Apply regularization (max_depth, min_child_weight, subsample, colsample_bytree).
Early stopping based on validation performance.
Apply cross-validation to detect overfitting before deployment.

3. Selecting Base Models
For bagging: Decision trees are a good choice because they have high variance and benefit from averaging.
For boosting: Decision trees (usually shallow, max_depth=3-6) are also common because they are weak learners that boosting can improve.
Could also test logistic regression, SVM, or neural networks depending on computational budget, but decision trees are most interpretable in finance.

4. Evaluating Performance using Cross-Validation
Use Stratified K-Fold Cross-Validation to preserve the class distribution in each fold.
Metrics to evaluate:
AUC-ROC → Measures ability to separate default vs non-default cases.
Precision-Recall AUC → More informative for imbalanced datasets.
F1-score → Balances precision and recall for the “default” class.
Ensure results are averaged across folds to avoid bias from one split.
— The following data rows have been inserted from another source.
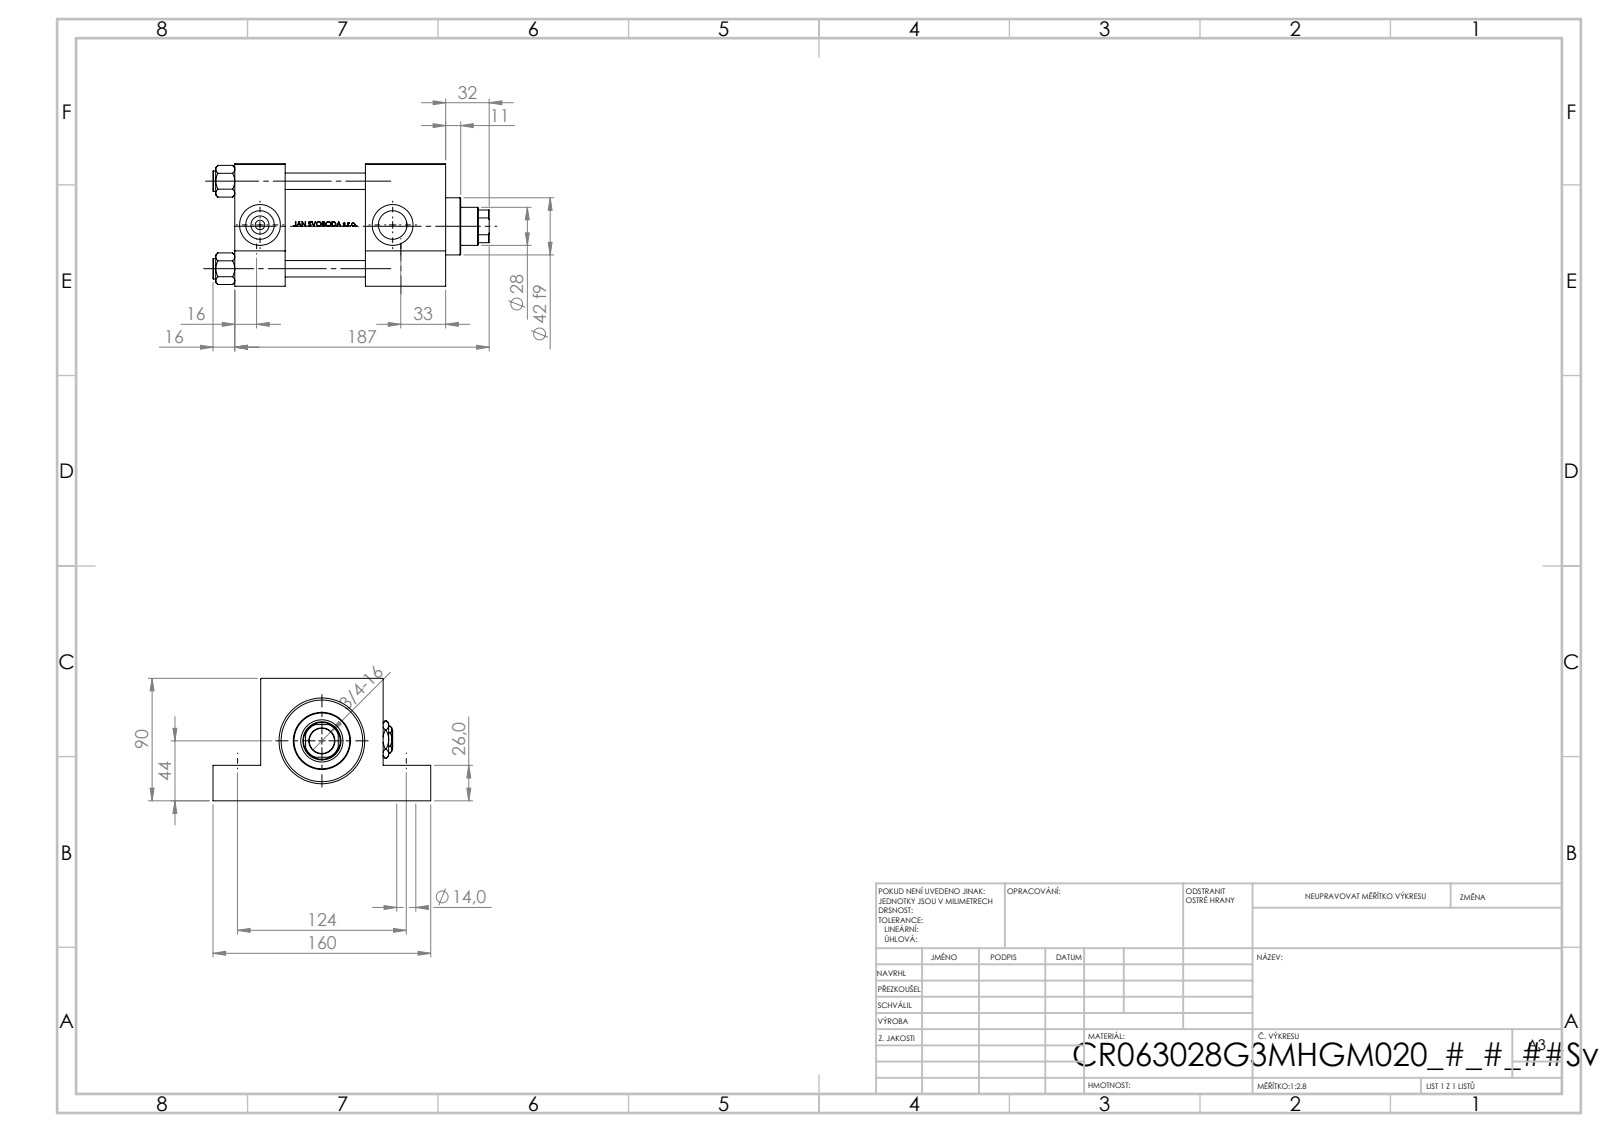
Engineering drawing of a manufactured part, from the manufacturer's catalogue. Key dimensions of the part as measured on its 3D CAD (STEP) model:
Part name (STEP PRODUCT): V215CR_G_Body; V215CR_G_TYCINKA; NUT_M5_G; V215CR_VCP_G (+2 more)
STEP written by: SolidWorks 2019 (CONFIG_CONTROL_DESIGN)
Units: millimetres
Bodies: 13 solids, 1184 faces (478 planar, 132 cylindrical, 574 other)
Overall size (bounding box): 203 × 160 × 90
Volume: 1 110 000 mm³ · Surface area: 204 326 mm²
Round holes (diameter × count): ⌀12 ×4, ⌀14 ×4, ⌀7 ×2, ⌀20.96 ×2, ⌀30 ×2, ⌀18.5 ×1, ⌀28 ×1, ⌀31 ×1, ⌀50 ×1, ⌀60 ×1, ⌀63 ×1
Round bosses / shafts (diameter × count): ⌀15 ×4, ⌀69 ×1, ⌀42 ×1
Partial cylindrical surfaces — rounded edges, fillets, slot ends (radius × count): R13.5 ×1
Main face-to-face distances: 90, 59, 37, 118, 155, 96, 64, 26, 125, 35
Hole centre spacings: 64.3, 44.77, 46.18, 90.93, 106, 124, 163.13, 97.5

5. Justifying Ensemble Learning in this Real-World Context

Loan default prediction requires high accuracy because false negatives (predicting “no default” but actually defaulting) can cause large financial losses.
Ensemble learning improves decision-making by:
Combining multiple weak learners to reduce variance (bagging) or bias (boosting).
Handling noisy features and correlated variables better than a single model.
Providing more stable predictions, which increases trust from stakeholders.
Allowing feature importance analysis to help risk managers understand key drivers of default.

✅ Final takeaway:
In loan default prediction, I would begin with Boosting (e.g., XGBoost) for its ability to capture complex relationships and handle imbalanced data effectively, validate performance with Stratified K-Fold CV, apply regularization to prevent overfitting, and justify the approach to management based on improved stability, accuracy, and interpretability compared to single models.